◆ WHAT TO DO ◆
Only the lines from the beginning of the entries through the one with "building model written" should be written out, please, exactly and without any pictures.

[[ DATA TO USE, beginning ]]

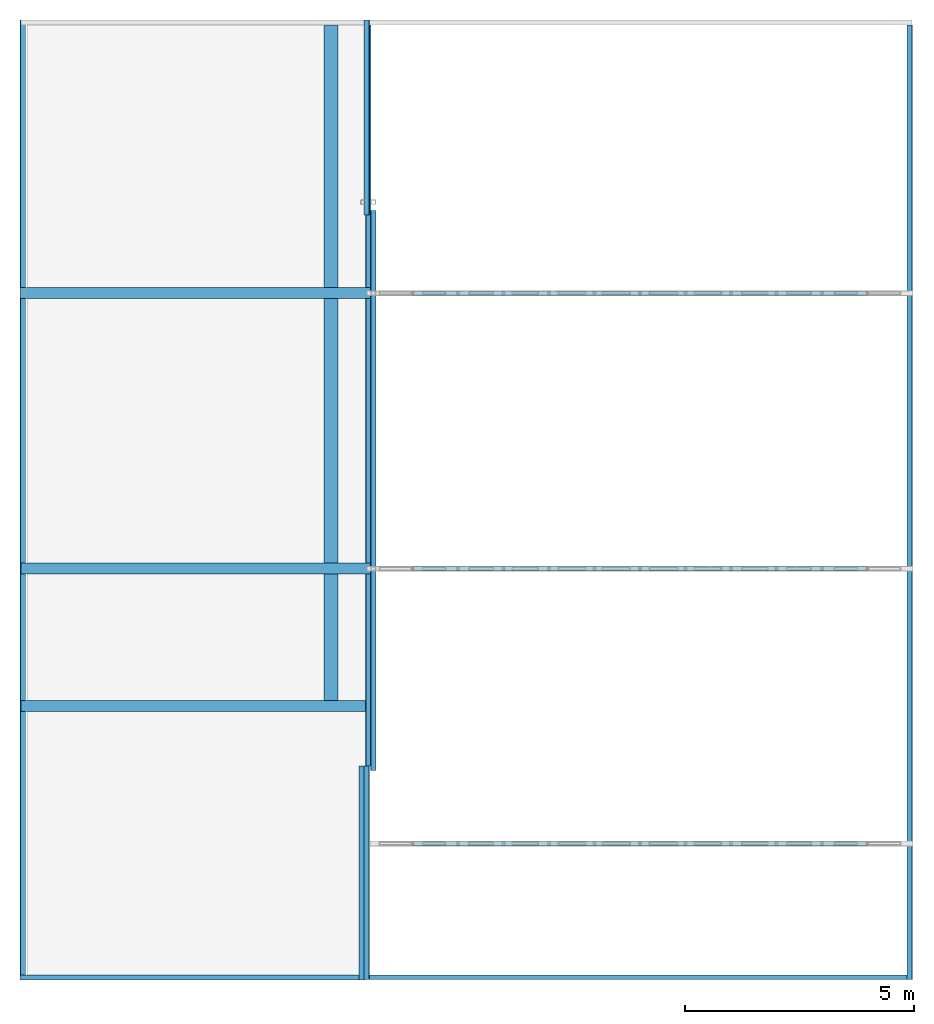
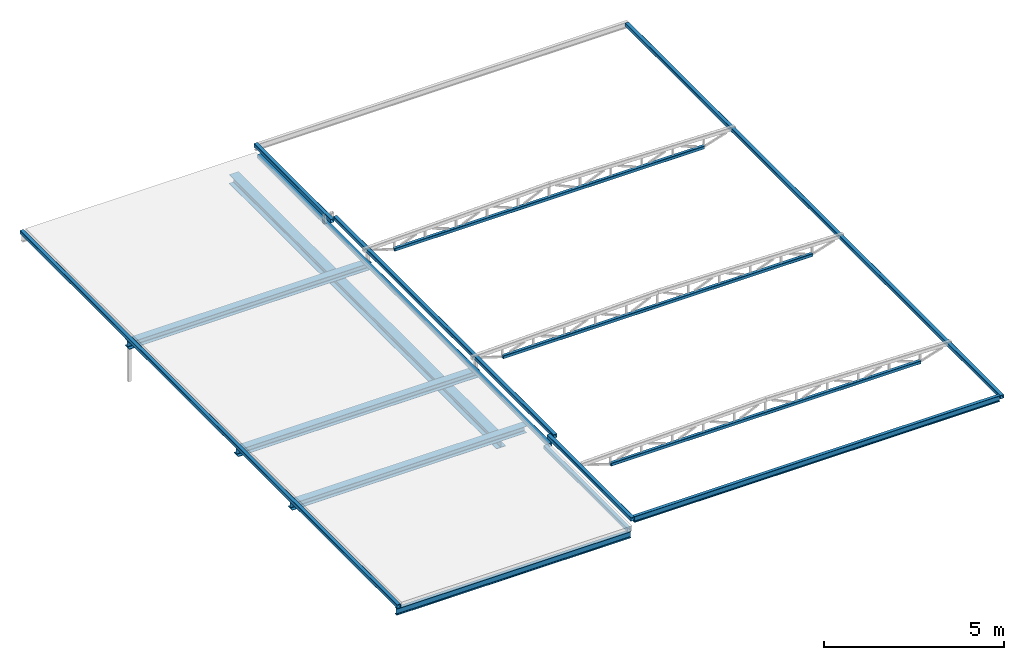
# One storey, part 2 of 12: 16 beams, 3 elements without a shape of their own.
"""IFC2X3 building model written with IfcOpenShell, lengths in millimetres."""

from ifc_helpers import new_model, entity, si_unit, converted_unit, derived_unit, direction, frame, frame_2d, origin, place, context, subcontext, project, spatial, polyline, circle_curve, parameter, trimmed, segment, composite_curve, i_section, outline, extrude, material, type_object, element, aggregate, save


model = new_model("IFC2X3")

# Units and contexts
model_context = context("Model", 3, precision=0.01, world=origin(), true_north=direction((6.12303176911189e-17, 1.0)))
body_context = subcontext(model_context, "Body", "Model", "MODEL_VIEW")
ifc_project = project(units=[si_unit("LENGTHUNIT", "METRE", prefix="MILLI"), si_unit("AREAUNIT", "SQUARE_METRE"), si_unit("VOLUMEUNIT", "CUBIC_METRE"), converted_unit("PLANEANGLEUNIT", "DEGREE", entity("IfcRatioMeasure", 0.0174532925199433), si_unit("PLANEANGLEUNIT", "RADIAN"), dimensions=[0, 0, 0, 0, 0, 0, 0]), si_unit("MASSUNIT", "GRAM", prefix="KILO"), derived_unit("MASSDENSITYUNIT", [(si_unit("MASSUNIT", "GRAM", prefix="KILO"), 1), (si_unit("LENGTHUNIT", "METRE"), -3)]), si_unit("TIMEUNIT", "SECOND"), si_unit("FREQUENCYUNIT", "HERTZ"), si_unit("THERMODYNAMICTEMPERATUREUNIT", "DEGREE_CELSIUS"), derived_unit("THERMALTRANSMITTANCEUNIT", [(si_unit("MASSUNIT", "GRAM", prefix="KILO"), 1), (si_unit("THERMODYNAMICTEMPERATUREUNIT", "KELVIN"), -1), (si_unit("TIMEUNIT", "SECOND"), -3)]), derived_unit("VOLUMETRICFLOWRATEUNIT", [(si_unit("LENGTHUNIT", "METRE"), 3), (si_unit("TIMEUNIT", "SECOND"), -1)]), si_unit("ELECTRICCURRENTUNIT", "AMPERE"), si_unit("ELECTRICVOLTAGEUNIT", "VOLT"), si_unit("POWERUNIT", "WATT"), si_unit("FORCEUNIT", "NEWTON", prefix="KILO"), si_unit("ILLUMINANCEUNIT", "LUX"), si_unit("LUMINOUSFLUXUNIT", "LUMEN"), si_unit("LUMINOUSINTENSITYUNIT", "CANDELA"), derived_unit("USERDEFINED", [(si_unit("MASSUNIT", "GRAM", prefix="KILO"), -1), (si_unit("LENGTHUNIT", "METRE"), -2), (si_unit("TIMEUNIT", "SECOND"), 3), (si_unit("LUMINOUSFLUXUNIT", "LUMEN"), 1)]), derived_unit("LINEARVELOCITYUNIT", [(si_unit("LENGTHUNIT", "METRE"), 1), (si_unit("TIMEUNIT", "SECOND"), -1)]), si_unit("PRESSUREUNIT", "PASCAL"), derived_unit("USERDEFINED", [(si_unit("LENGTHUNIT", "METRE"), -2), (si_unit("MASSUNIT", "GRAM", prefix="KILO"), 1), (si_unit("TIMEUNIT", "SECOND"), -2)])], contexts=[model_context])

# Site, building, storey
site_placement = place(None, frame((0.0, 0.0, 101000.0)))
site = spatial("IfcSite", under=ifc_project, at=site_placement, Name="Default", CompositionType="ELEMENT")
building_placement = place(site_placement, origin())
building = spatial("IfcBuilding", under=site, at=building_placement, CompositionType="ELEMENT")
storey_placement = place(building_placement, frame((0.0, 0.0, 6025.0)))
storey = spatial("IfcBuildingStorey", under=building, at=storey_placement, Name="03", CompositionType="ELEMENT", Elevation=6024.9999999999)

# Beams
ifc_material_1 = material(Name="Stål - S355")
beam_type_1 = type_object("IfcBeamType", Name="Bjelke IPE:IPE 200", PredefinedType="BEAM")
beam_1_placement = place(storey_placement, frame((11321.2644969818, 23497.9507529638, 0.0)))
element("IfcBeam", 1, at=beam_1_placement, inside=storey, type_object=beam_type_1, material=ifc_material_1, Name="Bjelke IPE:IPE 200", ObjectType="Bjelke IPE:IPE 200", context=body_context, shape_type="SweptSolid", body=[
    extrude(i_section(OverallWidth=100.000000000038, OverallDepth=200.0, WebThickness=5.59999999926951, FlangeThickness=8.50000000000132, FilletRadius=12.0000000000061, at=frame_2d((0.0, -2.16715534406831e-12), x_axis=(0.0, 1.0))), frame((0.0, 0.0, -100.0), z_axis=(1.0, 0.0, 0.0), x_axis=(0.0, 0.0, -1.0)), (0.0, 0.0, 1.0), 11730.0),
])
ifc_material_2 = material(Name="S355")
beam_type_2 = type_object("IfcBeamType", Name="Bjelke HUP:HUP 120x120x5", PredefinedType="BEAM")
beam_2_placement = place(storey_placement, frame((23111.2644969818, 44287.9507529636, 0.0), z_axis=(0.0, 0.0, 1.0), x_axis=(0.0, -1.0, 0.0)))
element("IfcBeam", 2, at=beam_2_placement, inside=storey, type_object=beam_type_2, material=ifc_material_2, Name="Bjelke HUP:HUP 120x120x5", ObjectType="Bjelke HUP:HUP 120x120x5", context=body_context, shape_type="SweptSolid", body=[
    extrude(outline(composite_curve([segment(trimmed(circle_curve(frame_2d((-50.0, -50.0), x_axis=(1.0, 0.0)), 10.0), [parameter(180.0)], [parameter(269.999999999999)], True, "PARAMETER"), True, "CONTINUOUS"), segment(polyline([(-50.0, -60.0), (50.0, -60.0)]), True, "CONTINUOUS"), segment(trimmed(circle_curve(frame_2d((50.0, -50.0), x_axis=(1.0, 0.0)), 10.0), [parameter(270.0)], [parameter(5.08888749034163e-14)], True, "PARAMETER"), True, "CONTINUOUS"), segment(polyline([(60.0, -50.0), (60.0, 50.0)]), True, "CONTINUOUS"), segment(trimmed(circle_curve(frame_2d((50.0, 50.0), x_axis=(1.0, 0.0)), 10.0), [parameter(360.0)], [parameter(89.9999999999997)], True, "PARAMETER"), True, "CONTINUOUS"), segment(polyline([(50.0, 60.0), (-50.0, 60.0)]), True, "CONTINUOUS"), segment(trimmed(circle_curve(frame_2d((-50.0, 50.0), x_axis=(1.0, 0.0)), 10.0), [parameter(90.0000000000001)], [parameter(180.0)], True, "PARAMETER"), True, "CONTINUOUS"), segment(polyline([(-60.0, 50.0), (-60.0, -50.0)]), True, "CONTINUOUS")], self_intersect=False), holes=[composite_curve([segment(polyline([(50.0, -55.0), (-50.0, -55.0)]), True, "CONTINUOUS"), segment(trimmed(circle_curve(frame_2d((-50.0, -50.0), x_axis=(1.0, 0.0)), 5.0), [parameter(180.0)], [parameter(270.0)], True, "PARAMETER"), False, "CONTINUOUS"), segment(polyline([(-55.0, -50.0), (-55.0, 50.0)]), True, "CONTINUOUS"), segment(trimmed(circle_curve(frame_2d((-50.0, 50.0), x_axis=(1.0, 0.0)), 5.0), [parameter(90.0000000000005)], [parameter(180.0)], True, "PARAMETER"), False, "CONTINUOUS"), segment(polyline([(-50.0, 55.0), (50.0, 55.0)]), True, "CONTINUOUS"), segment(trimmed(circle_curve(frame_2d((50.0, 50.0), x_axis=(1.0, 0.0)), 5.0), [parameter(0.0)], [parameter(90.0000000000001)], True, "PARAMETER"), False, "CONTINUOUS"), segment(polyline([(55.0, 50.0), (55.0, -50.0)]), True, "CONTINUOUS"), segment(trimmed(circle_curve(frame_2d((50.0, -50.0), x_axis=(1.0, 0.0)), 5.0), [parameter(270.0)], [parameter(3.05333249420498e-13)], True, "PARAMETER"), False, "CONTINUOUS")], self_intersect=False)]), frame((0.0, 0.0, -60.0), z_axis=(1.0, 0.0, 0.0), x_axis=(0.0, -1.0, 0.0)), (0.0, 0.0, 1.0), 20839.9999999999),
])
beam_3_placement = place(storey_placement, frame((11261.2644969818, 28058.4336358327, 0.0), z_axis=(0.0, 0.0, 1.0), x_axis=(0.0, -1.0, 0.0)))
element("IfcBeam", 3, at=beam_3_placement, inside=storey, type_object=beam_type_2, material=ifc_material_2, Name="Bjelke HUP:HUP 120x120x5", ObjectType="Bjelke HUP:HUP 120x120x5", context=body_context, shape_type="SweptSolid", body=[
    extrude(outline(composite_curve([segment(trimmed(circle_curve(frame_2d((-50.0, -50.0), x_axis=(1.0, 0.0)), 10.0), [parameter(180.0)], [parameter(269.999999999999)], True, "PARAMETER"), True, "CONTINUOUS"), segment(polyline([(-50.0, -60.0), (50.0, -60.0)]), True, "CONTINUOUS"), segment(trimmed(circle_curve(frame_2d((50.0, -50.0), x_axis=(1.0, 0.0)), 10.0), [parameter(270.0)], [parameter(5.08888749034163e-14)], True, "PARAMETER"), True, "CONTINUOUS"), segment(polyline([(60.0, -50.0), (60.0, 50.0)]), True, "CONTINUOUS"), segment(trimmed(circle_curve(frame_2d((50.0, 50.0), x_axis=(1.0, 0.0)), 10.0), [parameter(360.0)], [parameter(89.9999999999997)], True, "PARAMETER"), True, "CONTINUOUS"), segment(polyline([(50.0, 60.0), (-50.0, 60.0)]), True, "CONTINUOUS"), segment(trimmed(circle_curve(frame_2d((-50.0, 50.0), x_axis=(1.0, 0.0)), 10.0), [parameter(90.0000000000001)], [parameter(180.0)], True, "PARAMETER"), True, "CONTINUOUS"), segment(polyline([(-60.0, 50.0), (-60.0, -50.0)]), True, "CONTINUOUS")], self_intersect=False), holes=[composite_curve([segment(polyline([(50.0, -55.0), (-50.0, -55.0)]), True, "CONTINUOUS"), segment(trimmed(circle_curve(frame_2d((-50.0, -50.0), x_axis=(1.0, 0.0)), 5.0), [parameter(180.0)], [parameter(270.0)], True, "PARAMETER"), False, "CONTINUOUS"), segment(polyline([(-55.0, -50.0), (-55.0, 50.0)]), True, "CONTINUOUS"), segment(trimmed(circle_curve(frame_2d((-50.0, 50.0), x_axis=(1.0, 0.0)), 5.0), [parameter(90.0000000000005)], [parameter(180.0)], True, "PARAMETER"), False, "CONTINUOUS"), segment(polyline([(-50.0, 55.0), (50.0, 55.0)]), True, "CONTINUOUS"), segment(trimmed(circle_curve(frame_2d((50.0, 50.0), x_axis=(1.0, 0.0)), 5.0), [parameter(0.0)], [parameter(90.0000000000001)], True, "PARAMETER"), False, "CONTINUOUS"), segment(polyline([(55.0, 50.0), (55.0, -50.0)]), True, "CONTINUOUS"), segment(trimmed(circle_curve(frame_2d((50.0, -50.0), x_axis=(1.0, 0.0)), 5.0), [parameter(270.0)], [parameter(3.05333249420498e-13)], True, "PARAMETER"), False, "CONTINUOUS")], self_intersect=False)]), frame((-50.0, 0.0, -60.0), z_axis=(1.0, 0.0, 0.0), x_axis=(0.0, -1.0, 0.0)), (0.0, 0.0, 1.0), 4660.48288286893),
])
beam_4_placement = place(storey_placement, frame((11411.2644969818, 28008.4336358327, 0.0), z_axis=(0.0, 0.0, 1.0), x_axis=(0.0, 1.0, 0.0)))
element("IfcBeam", 4, at=beam_4_placement, inside=storey, type_object=beam_type_2, material=ifc_material_2, Name="Bjelke HUP:HUP 120x120x5", ObjectType="Bjelke HUP:HUP 120x120x5", context=body_context, shape_type="SweptSolid", body=[
    extrude(outline(composite_curve([segment(trimmed(circle_curve(frame_2d((-50.0, -50.0), x_axis=(1.0, 0.0)), 10.0), [parameter(180.0)], [parameter(269.999999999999)], True, "PARAMETER"), True, "CONTINUOUS"), segment(polyline([(-50.0, -60.0), (50.0, -60.0)]), True, "CONTINUOUS"), segment(trimmed(circle_curve(frame_2d((50.0, -50.0), x_axis=(1.0, 0.0)), 10.0), [parameter(270.0)], [parameter(5.08888749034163e-14)], True, "PARAMETER"), True, "CONTINUOUS"), segment(polyline([(60.0, -50.0), (60.0, 50.0)]), True, "CONTINUOUS"), segment(trimmed(circle_curve(frame_2d((50.0, 50.0), x_axis=(1.0, 0.0)), 10.0), [parameter(360.0)], [parameter(89.9999999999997)], True, "PARAMETER"), True, "CONTINUOUS"), segment(polyline([(50.0, 60.0), (-50.0, 60.0)]), True, "CONTINUOUS"), segment(trimmed(circle_curve(frame_2d((-50.0, 50.0), x_axis=(1.0, 0.0)), 10.0), [parameter(90.0000000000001)], [parameter(180.0)], True, "PARAMETER"), True, "CONTINUOUS"), segment(polyline([(-60.0, 50.0), (-60.0, -50.0)]), True, "CONTINUOUS")], self_intersect=False), holes=[composite_curve([segment(polyline([(50.0, -55.0), (-50.0, -55.0)]), True, "CONTINUOUS"), segment(trimmed(circle_curve(frame_2d((-50.0, -50.0), x_axis=(1.0, 0.0)), 5.0), [parameter(180.0)], [parameter(270.0)], True, "PARAMETER"), False, "CONTINUOUS"), segment(polyline([(-55.0, -50.0), (-55.0, 50.0)]), True, "CONTINUOUS"), segment(trimmed(circle_curve(frame_2d((-50.0, 50.0), x_axis=(1.0, 0.0)), 5.0), [parameter(90.0000000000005)], [parameter(180.0)], True, "PARAMETER"), False, "CONTINUOUS"), segment(polyline([(-50.0, 55.0), (50.0, 55.0)]), True, "CONTINUOUS"), segment(trimmed(circle_curve(frame_2d((50.0, 50.0), x_axis=(1.0, 0.0)), 5.0), [parameter(0.0)], [parameter(90.0000000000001)], True, "PARAMETER"), False, "CONTINUOUS"), segment(polyline([(55.0, 50.0), (55.0, -50.0)]), True, "CONTINUOUS"), segment(trimmed(circle_curve(frame_2d((50.0, -50.0), x_axis=(1.0, 0.0)), 5.0), [parameter(270.0)], [parameter(3.05333249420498e-13)], True, "PARAMETER"), False, "CONTINUOUS")], self_intersect=False)]), frame((0.0, 0.0, -60.0), z_axis=(1.0, 0.0, 0.0), x_axis=(0.0, -1.0, 0.0)), (0.0, 0.0, 1.0), 12223.5586234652),
])
beam_5_placement = place(storey_placement, frame((11260.9045409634, 40131.9922592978, 0.0), z_axis=(0.0, 0.0, 1.0), x_axis=(0.0, 1.0, 0.0)))
element("IfcBeam", 5, at=beam_5_placement, inside=storey, type_object=beam_type_2, material=ifc_material_2, Name="Bjelke HUP:HUP 120x120x5", ObjectType="Bjelke HUP:HUP 120x120x5", context=body_context, shape_type="SweptSolid", body=[
    extrude(outline(composite_curve([segment(trimmed(circle_curve(frame_2d((-50.0, -50.0), x_axis=(1.0, 0.0)), 10.0), [parameter(180.0)], [parameter(269.999999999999)], True, "PARAMETER"), True, "CONTINUOUS"), segment(polyline([(-50.0, -60.0), (50.0, -60.0)]), True, "CONTINUOUS"), segment(trimmed(circle_curve(frame_2d((50.0, -50.0), x_axis=(1.0, 0.0)), 10.0), [parameter(270.0)], [parameter(5.08888749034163e-14)], True, "PARAMETER"), True, "CONTINUOUS"), segment(polyline([(60.0, -50.0), (60.0, 50.0)]), True, "CONTINUOUS"), segment(trimmed(circle_curve(frame_2d((50.0, 50.0), x_axis=(1.0, 0.0)), 10.0), [parameter(360.0)], [parameter(89.9999999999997)], True, "PARAMETER"), True, "CONTINUOUS"), segment(polyline([(50.0, 60.0), (-50.0, 60.0)]), True, "CONTINUOUS"), segment(trimmed(circle_curve(frame_2d((-50.0, 50.0), x_axis=(1.0, 0.0)), 10.0), [parameter(90.0000000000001)], [parameter(180.0)], True, "PARAMETER"), True, "CONTINUOUS"), segment(polyline([(-60.0, 50.0), (-60.0, -50.0)]), True, "CONTINUOUS")], self_intersect=False), holes=[composite_curve([segment(polyline([(50.0, -55.0), (-50.0, -55.0)]), True, "CONTINUOUS"), segment(trimmed(circle_curve(frame_2d((-50.0, -50.0), x_axis=(1.0, 0.0)), 5.0), [parameter(180.0)], [parameter(270.0)], True, "PARAMETER"), False, "CONTINUOUS"), segment(polyline([(-55.0, -50.0), (-55.0, 50.0)]), True, "CONTINUOUS"), segment(trimmed(circle_curve(frame_2d((-50.0, 50.0), x_axis=(1.0, 0.0)), 5.0), [parameter(90.0000000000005)], [parameter(180.0)], True, "PARAMETER"), False, "CONTINUOUS"), segment(polyline([(-50.0, 55.0), (50.0, 55.0)]), True, "CONTINUOUS"), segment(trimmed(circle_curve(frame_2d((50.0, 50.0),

[[ DATA TO USE, end ]]

◆ REPLY ◆
# One storey, part 2 of 12: 16 beams, 3 elements without a shape of their own.
"""IFC2X3 building model written with IfcOpenShell, lengths in millimetres."""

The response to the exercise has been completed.